__To do__
Reproduce exactly, and solely, the lines running from the top of the data below through the line with "doc.units = ezdxf.units.M", both inclusive. Omit pictures.

(Data records)
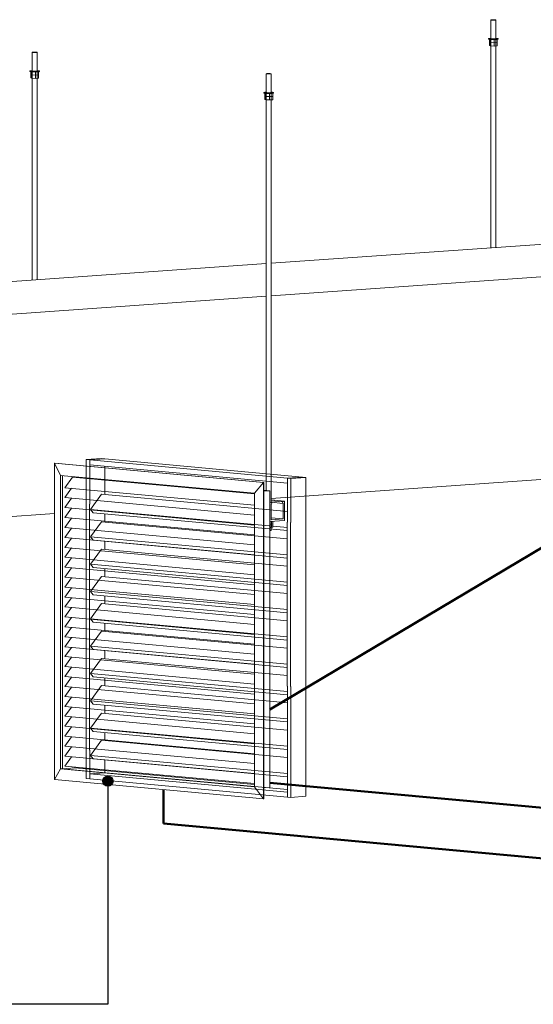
# Model space of a CAD drawing. Header units: metres. Extents: x 9 to 159, y -27 to 58.
# Tile 27 of 46: x 111.3 to 112.31, y 51.6 to 53.53. Entities that reach past the tile are written whole.
import ezdxf

# ---------------------------------------------------------------- set-up
doc = ezdxf.new("R2010")
doc.units = ezdxf.units.M
for name, color, linetype, lineweight in [('A-GLAZ-CWMG', 7, 'Continuous', 5), ('E-CABL-TRAY', 7, 'Continuous', 5), ('M-EQPM', 7, 'Continuous', 35), ('M-HVAC-DUCT', 7, 'Continuous', 5), ('M-HVAC-DUCT-IDEN', 7, 'Continuous', 30)]:
    doc.layers.add(name, color=color, linetype=linetype, lineweight=lineweight)

# ---------------------------------------------------------------- blocks, each defined once
blk = doc.blocks.new('Rectangular Mullion - 1x4cm-1918339-Detalhamento Exaustor - Térreo')
at = {"layer": 'A-GLAZ-CWMG', "color": 253, "lineweight": 18, "true_color": 0xaaaaaa}
for p, q in [((-5.8018, 52.6676), (-5.7717, 52.6697)), ((-5.8018, 52.6576), (-5.8018, 52.6676)), ((-5.4125, 52.6317), (-5.8018, 52.6676)), ((-5.8018, 52.6576), (-5.4125, 52.6218)), ((-5.7717, 52.6697), (-5.3824, 52.6338)), ((-5.3824, 52.6338), (-5.4125, 52.6317)), ((-5.4125, 52.6317), (-5.4125, 52.6218))]:
    blk.add_line(p, q, dxfattribs=at)
blk = doc.blocks.new('Rectangular Mullion - 1x4cm-1918340-Detalhamento Exaustor - Térreo')
at = {"layer": 'A-GLAZ-CWMG', "color": 253, "lineweight": 18, "true_color": 0xaaaaaa}
for p, q in [((-5.8018, 52.0492), (-5.7717, 52.0513)), ((-5.8018, 52.0392), (-5.8018, 52.0492)), ((-5.4125, 52.0133), (-5.8018, 52.0492)), ((-5.8018, 52.0392), (-5.4125, 52.0034)), ((-5.4125, 52.0182), (-5.7717, 52.0513)), ((-5.4125, 52.0133), (-5.4125, 52.0034))]:
    blk.add_line(p, q, dxfattribs=at)
blk = doc.blocks.new('Rectangular Mullion - 1x4cm-1918330-Detalhamento Exaustor - Térreo')
at = {"layer": 'A-GLAZ-CWMG', "color": 253, "lineweight": 18, "true_color": 0xaaaaaa}
for p, q in [((-5.4125, 52.0601), (-5.4125, 52.0034)), ((-5.4059, 52.0027), (-5.4059, 52.0595)), ((-5.3758, 52.0616), (-5.3758, 52.0049)), ((-5.4059, 52.0027), (-5.4125, 52.0034)), ((-5.3758, 52.0049), (-5.4059, 52.0027))]:
    blk.add_line(p, q, dxfattribs=at)
blk = doc.blocks.new('Rectangular Mullion - 1x4cm-V11-Detalhamento Exaustor - Térreo')
at = {"layer": 'A-GLAZ-CWMG', "color": 253, "lineweight": 18, "true_color": 0xaaaaaa}
for p, q in [((-5.4125, 52.1139), (-5.4125, 52.0601)), ((-5.4059, 52.0595), (-5.4059, 52.1133)), ((-5.3758, 52.1155), (-5.3758, 52.0616))]:
    blk.add_line(p, q, dxfattribs=at)
blk = doc.blocks.new('Rectangular Mullion - 1x4cm-V12-Detalhamento Exaustor - Térreo')
at = {"layer": 'A-GLAZ-CWMG', "color": 253, "lineweight": 18, "true_color": 0xaaaaaa}
for p, q in [((-5.4125, 52.2216), (-5.4125, 52.1678)), ((-5.4059, 52.1672), (-5.4059, 52.221)), ((-5.3758, 52.2231), (-5.3758, 52.1693))]:
    blk.add_line(p, q, dxfattribs=at)
blk = doc.blocks.new('Rectangular Mullion - 1x4cm-1918331-Detalhamento Exaustor - Térreo')
at = {"layer": 'A-GLAZ-CWMG', "color": 253, "lineweight": 18, "true_color": 0xaaaaaa}
for p, q in [((-8.0465, 52.7874), (-8.0465, 52.7336)), ((-8.0399, 52.733), (-8.0399, 52.7868)), ((-8.0098, 52.789), (-8.0098, 52.7351))]:
    blk.add_line(p, q, dxfattribs=at)
blk = doc.blocks.new('Rectangular Mullion - 1x4cm-1918332-Detalhamento Exaustor - Térreo')
at = {"layer": 'A-GLAZ-CWMG', "color": 253, "lineweight": 18, "true_color": 0xaaaaaa}
for p, q in [((-5.7783, 52.6703), (-5.8084, 52.6682)), ((-5.8084, 52.6682), (-5.8018, 52.6676)), ((-5.8084, 52.6682), (-5.8084, 52.5811)), ((-5.8018, 52.6676), (-5.7717, 52.6697)), ((-5.8018, 52.5805), (-5.8018, 52.6676)), ((-5.7717, 52.6697), (-5.7783, 52.6703)), ((-5.7717, 52.5991), (-5.7717, 52.6549))]:
    blk.add_line(p, q, dxfattribs=at)
blk = doc.blocks.new('Rectangular Mullion - 1x4cm-1918333-Detalhamento Exaustor - Térreo')
at = {"layer": 'A-GLAZ-CWMG', "color": 253, "lineweight": 18, "true_color": 0xaaaaaa}
for p, q in [((-5.8084, 52.0966), (-5.8084, 52.0398)), ((-5.8018, 52.0392), (-5.8018, 52.096)), ((-5.7717, 52.0513), (-5.7717, 52.0767)), ((-5.8018, 52.0392), (-5.8084, 52.0398))]:
    blk.add_line(p, q, dxfattribs=at)
blk = doc.blocks.new('Rectangular Mullion - 1x4cm-1918334-Detalhamento Exaustor - Térreo')
at = {"layer": 'A-GLAZ-CWMG', "color": 253, "lineweight": 18, "true_color": 0xaaaaaa}
for p, q in [((-8.474, 52.6653), (-8.474, 52.6115)), ((-8.4674, 52.6109), (-8.4674, 52.6647)), ((-8.4373, 52.6295), (-8.4373, 52.6455))]:
    blk.add_line(p, q, dxfattribs=at)
blk = doc.blocks.new('Rectangular Mullion - 1x4cm 45_-1918341-Detalhamento Exaustor - Térreo')
at = {"layer": 'A-GLAZ-CWMG', "color": 253, "lineweight": 18, "true_color": 0xaaaaaa}
for p, q in [((-5.8001, 52.0855), (-5.7788, 52.1152)), ((-5.7788, 52.1152), (-5.4125, 52.0815)), ((-5.7948, 52.0789), (-5.8001, 52.0855)), ((-5.4125, 52.0498), (-5.8001, 52.0855)), ((-5.7948, 52.0789), (-5.4125, 52.0436))]:
    blk.add_line(p, q, dxfattribs=at)
blk = doc.blocks.new('Rectangular Mullion - 1x4cm 45_-V13-Detalhamento Exaustor - Térreo')
at = {"layer": 'A-GLAZ-CWMG', "color": 253, "lineweight": 18, "true_color": 0xaaaaaa}
for p, q in [((-5.8001, 52.1932), (-5.7788, 52.2229)), ((-5.7788, 52.2229), (-5.4125, 52.1891)), ((-5.7948, 52.1865), (-5.8001, 52.1932)), ((-5.4125, 52.1575), (-5.8001, 52.1932)), ((-5.7948, 52.1865), (-5.4125, 52.1513))]:
    blk.add_line(p, q, dxfattribs=at)
blk = doc.blocks.new('Rectangular Mullion - 1x4cm 45_-V14-Detalhamento Exaustor - Térreo')
at = {"layer": 'A-GLAZ-CWMG', "color": 253, "lineweight": 18, "true_color": 0xaaaaaa}
for p, q in [((-5.8001, 52.2471), (-5.7788, 52.2767)), ((-5.7788, 52.2767), (-5.4125, 52.243)), ((-5.7948, 52.2404), (-5.8001, 52.2471)), ((-5.4125, 52.2113), (-5.8001, 52.2471)), ((-5.7948, 52.2404), (-5.4125, 52.2051))]:
    blk.add_line(p, q, dxfattribs=at)
blk = doc.blocks.new('Rectangular Mullion - 1x4cm-V15-Detalhamento Exaustor - Térreo')
at = {"layer": 'A-GLAZ-CWMG', "color": 253, "lineweight": 18, "true_color": 0xaaaaaa}
for p, q in [((-5.3824, 52.6338), (-5.4125, 52.6317)), ((-5.4125, 52.6317), (-5.4059, 52.6311)), ((-5.4125, 52.6317), (-5.4125, 52.5446)), ((-5.4059, 52.6311), (-5.3758, 52.6332)), ((-5.4059, 52.544), (-5.4059, 52.6311)), ((-5.3758, 52.6332), (-5.3824, 52.6338)), ((-5.3758, 52.6332), (-5.3758, 52.5462))]:
    blk.add_line(p, q, dxfattribs=at)
blk = doc.blocks.new('Rectangular Mullion - 1x4cm 45_-V16-Detalhamento Exaustor - Térreo')
at = {"layer": 'A-GLAZ-CWMG', "color": 253, "lineweight": 18, "true_color": 0xaaaaaa}
for p, q in [((-5.8001, 52.5701), (-5.7788, 52.5998)), ((-5.7788, 52.5998), (-5.4125, 52.566)), ((-5.7948, 52.5634), (-5.8001, 52.5701)), ((-5.4125, 52.5344), (-5.8001, 52.5701)), ((-5.7948, 52.5634), (-5.4125, 52.5282))]:
    blk.add_line(p, q, dxfattribs=at)
blk = doc.blocks.new('x_ Tirante para Suportes1 - Tirante para Suportes 2-V20-Detalhamento Exaustor - Térreo')
at = {"layer": 'E-CABL-TRAY', "lineweight": 18}
for p, q in [((-5.0119, 53.4974), (-5.0119, 53.0853)), ((-5.0107, 53.4971), (-5.0098, 53.497)), ((-5.0097, 53.497), (-5.0086, 53.497)), ((-5.0085, 53.497), (-5.0072, 53.497)), ((-5.0059, 53.497), (-5.0047, 53.497)), ((-5.0046, 53.497), (-5.0038, 53.4971)), ((-5.0034, 53.4971), (-5.0027, 53.4971)), ((-5.0019, 53.086), (-5.0019, 53.4974))]:
    blk.add_line(p, q, dxfattribs=at)
for points in [[(-5.0119, 53.4974, 0), (-5.0118, 53.4973, 0), (-5.0114, 53.4972, 0), (-5.0109, 53.4971, 0)], [(-5.0025, 53.4972, 0), (-5.0022, 53.4972, 0), (-5.0019, 53.4973, 0)]]:
    blk.add_polyline3d(points, dxfattribs=at)
blk = doc.blocks.new('x_ Fixaçoes Eletricas_Chumbador de Expansão - Chumbador de Expansão-V22-Detalhamento Exaustor - Térreo')
at = {"layer": 'E-CABL-TRAY', "lineweight": 18}
for p, q in [((-5.0119, 53.5343), (-5.0119, 53.4974)), ((-5.0019, 53.4974), (-5.0019, 53.5343)), ((-5.0098, 53.497), (-5.0107, 53.4971)), ((-5.0086, 53.497), (-5.0097, 53.497)), ((-5.0072, 53.497), (-5.0085, 53.497)), ((-5.0047, 53.497), (-5.0059, 53.497)), ((-5.0038, 53.4971), (-5.0046, 53.497)), ((-5.0027, 53.4971), (-5.0034, 53.4971))]:
    blk.add_line(p, q, dxfattribs=at)
for points in [[(-5.0031, 53.5345, 0), (-5.0041, 53.5346, 0), (-5.0053, 53.5346, 0), (-5.0066, 53.5347, 0), (-5.0079, 53.5346, 0), (-5.0091, 53.5346, 0), (-5.0102, 53.5346, 0), (-5.0111, 53.5345, 0), (-5.0116, 53.5344, 0), (-5.0119, 53.5343, 0), (-5.0118, 53.5342, 0), (-5.0114, 53.5341, 0), (-5.0107, 53.534, 0)], [(-5.0107, 53.534, 0), (-5.0097, 53.5339, 0), (-5.0085, 53.5339, 0), (-5.0072, 53.5338, 0), (-5.0059, 53.5339, 0), (-5.0047, 53.5339, 0), (-5.0036, 53.5339, 0), (-5.0027, 53.534, 0), (-5.0022, 53.5341, 0), (-5.0019, 53.5342, 0)], [(-5.0019, 53.5343, 0), (-5.002, 53.5343, 0), (-5.0024, 53.5344, 0), (-5.0031, 53.5345, 0)], [(-5.0109, 53.4971, 0), (-5.0114, 53.4972, 0), (-5.0118, 53.4973, 0), (-5.0119, 53.4974, 0)], [(-5.0019, 53.4973, 0), (-5.0022, 53.4972, 0), (-5.0025, 53.4972, 0)]]:
    blk.add_polyline3d(points, dxfattribs=at)
blk = doc.blocks.new('x_ Arruela Lisa Galvanizada Eletrica - Arruela lisa galvanizada Eletrica-V23-Detalhamento Exaustor - Térreo')
at = {"layer": 'E-CABL-TRAY', "lineweight": 18}
for p, q in [((-5.0164, 53.4974), (-5.0164, 53.4964)), ((-5.0017, 53.4975), (-5.0016, 53.4974)), ((-4.9974, 53.4964), (-4.9974, 53.4974))]:
    blk.add_line(p, q, dxfattribs=at)
for points in [[(-5.0148, 53.4978, 0), (-5.0159, 53.4976, 0), (-5.0164, 53.4974, 0), (-5.0162, 53.4972, 0), (-5.0154, 53.497, 0), (-5.014, 53.4969, 0)], [(-5.014, 53.4959, 0), (-5.0154, 53.496, 0), (-5.0162, 53.4962, 0), (-5.0164, 53.4964, 0)], [(-5.0119, 53.498, 0), (-5.0132, 53.4979, 0), (-5.0146, 53.4978, 0)], [(-5.014, 53.4969, 0), (-5.0122, 53.4967, 0), (-5.01, 53.4966, 0), (-5.0075, 53.4966, 0), (-5.0051, 53.4966, 0), (-5.0027, 53.4967, 0), (-5.0006, 53.4968, 0), (-4.999, 53.4969, 0), (-4.9979, 53.4971, 0), (-4.9974, 53.4973, 0)], [(-4.9974, 53.4963, 0), (-4.9979, 53.4961, 0), (-4.999, 53.4959, 0), (-5.0006, 53.4958, 0), (-5.0027, 53.4957, 0), (-5.0051, 53.4956, 0), (-5.0075, 53.4956, 0), (-5.01, 53.4957, 0), (-5.0122, 53.4957, 0), (-5.014, 53.4959, 0)], [(-5.0108, 53.4971, 0), (-5.0116, 53.4972, 0), (-5.012, 53.4973, 0), (-5.0121, 53.4974, 0), (-5.0119, 53.4975, 0)], [(-5.0017, 53.4973, 0), (-5.0019, 53.4972, 0), (-5.0025, 53.4971, 0), (-5.0034, 53.4971, 0), (-5.0046, 53.497, 0), (-5.0059, 53.497, 0), (-5.0072, 53.497, 0), (-5.0086, 53.497, 0), (-5.0098, 53.497, 0), (-5.0108, 53.4971, 0)], [(-4.9997, 53.4979, 0), (-5.0016, 53.498, 0), (-5.0019, 53.498, 0)], [(-4.9974, 53.4974, 0), (-4.9976, 53.4975, 0), (-4.9984, 53.4977, 0), (-4.9997, 53.4979, 0)]]:
    blk.add_polyline3d(points, dxfattribs=at)
blk = doc.blocks.new('x_ Porca Sextavada Eletrica - Porca sextavada Eletrica-V24-Detalhamento Exaustor - Térreo')
at = {"layer": 'E-CABL-TRAY', "lineweight": 18}
for p, q in [((-4.5536, 53.4534), (-4.5536, 53.4476)), ((-4.552, 53.4533), (-4.552, 53.447)), ((-4.5444, 53.4531), (-4.5444, 53.4468)), ((-4.5383, 53.4472), (-4.5383, 53.4534)), ((-4.552, 53.447), (-4.5536, 53.4476)), ((-4.5444, 53.4468), (-4.552, 53.447)), ((-4.5383, 53.4472), (-4.5444, 53.4468))]:
    blk.add_line(p, q, dxfattribs=at)
blk = doc.blocks.new('x_ Porca Sextavada Eletrica - Porca sextavada Eletrica-V25-Detalhamento Exaustor - Térreo')
at = {"layer": 'E-CABL-TRAY', "lineweight": 18}
for p, q in [((-4.5536, 53.4476), (-4.552, 53.447)), ((-4.5536, 53.4476), (-4.5536, 53.4411)), ((-4.552, 53.4405), (-4.5536, 53.4411)), ((-4.552, 53.447), (-4.5444, 53.4468)), ((-4.552, 53.447), (-4.552, 53.4405)), ((-4.5444, 53.4403), (-4.552, 53.4405)), ((-4.5444, 53.4468), (-4.5383, 53.4472)), ((-4.5444, 53.4468), (-4.5444, 53.4403)), ((-4.5383, 53.4407), (-4.5444, 53.4403)), ((-4.5383, 53.4407), (-4.5383, 53.4472))]:
    blk.add_line(p, q, dxfattribs=at)
blk = doc.blocks.new('x_ Perfilado38_para suportes - Perfilado38_para suportes-V26-Detalhamento Exaustor - Térreo')
at = {"layer": 'E-CABL-TRAY', "lineweight": 18}
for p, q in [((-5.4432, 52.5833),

__Result for this exercise__
# Model space of a CAD drawing. Header units: metres. Extents: x 9 to 159, y -27 to 58.
# Tile 27 of 46: x 111.3 to 112.31, y 51.6 to 53.53. Entities that reach past the tile are written whole.
import ezdxf

# ---------------------------------------------------------------- set-up
doc = ezdxf.new("R2010")
doc.units = ezdxf.units.M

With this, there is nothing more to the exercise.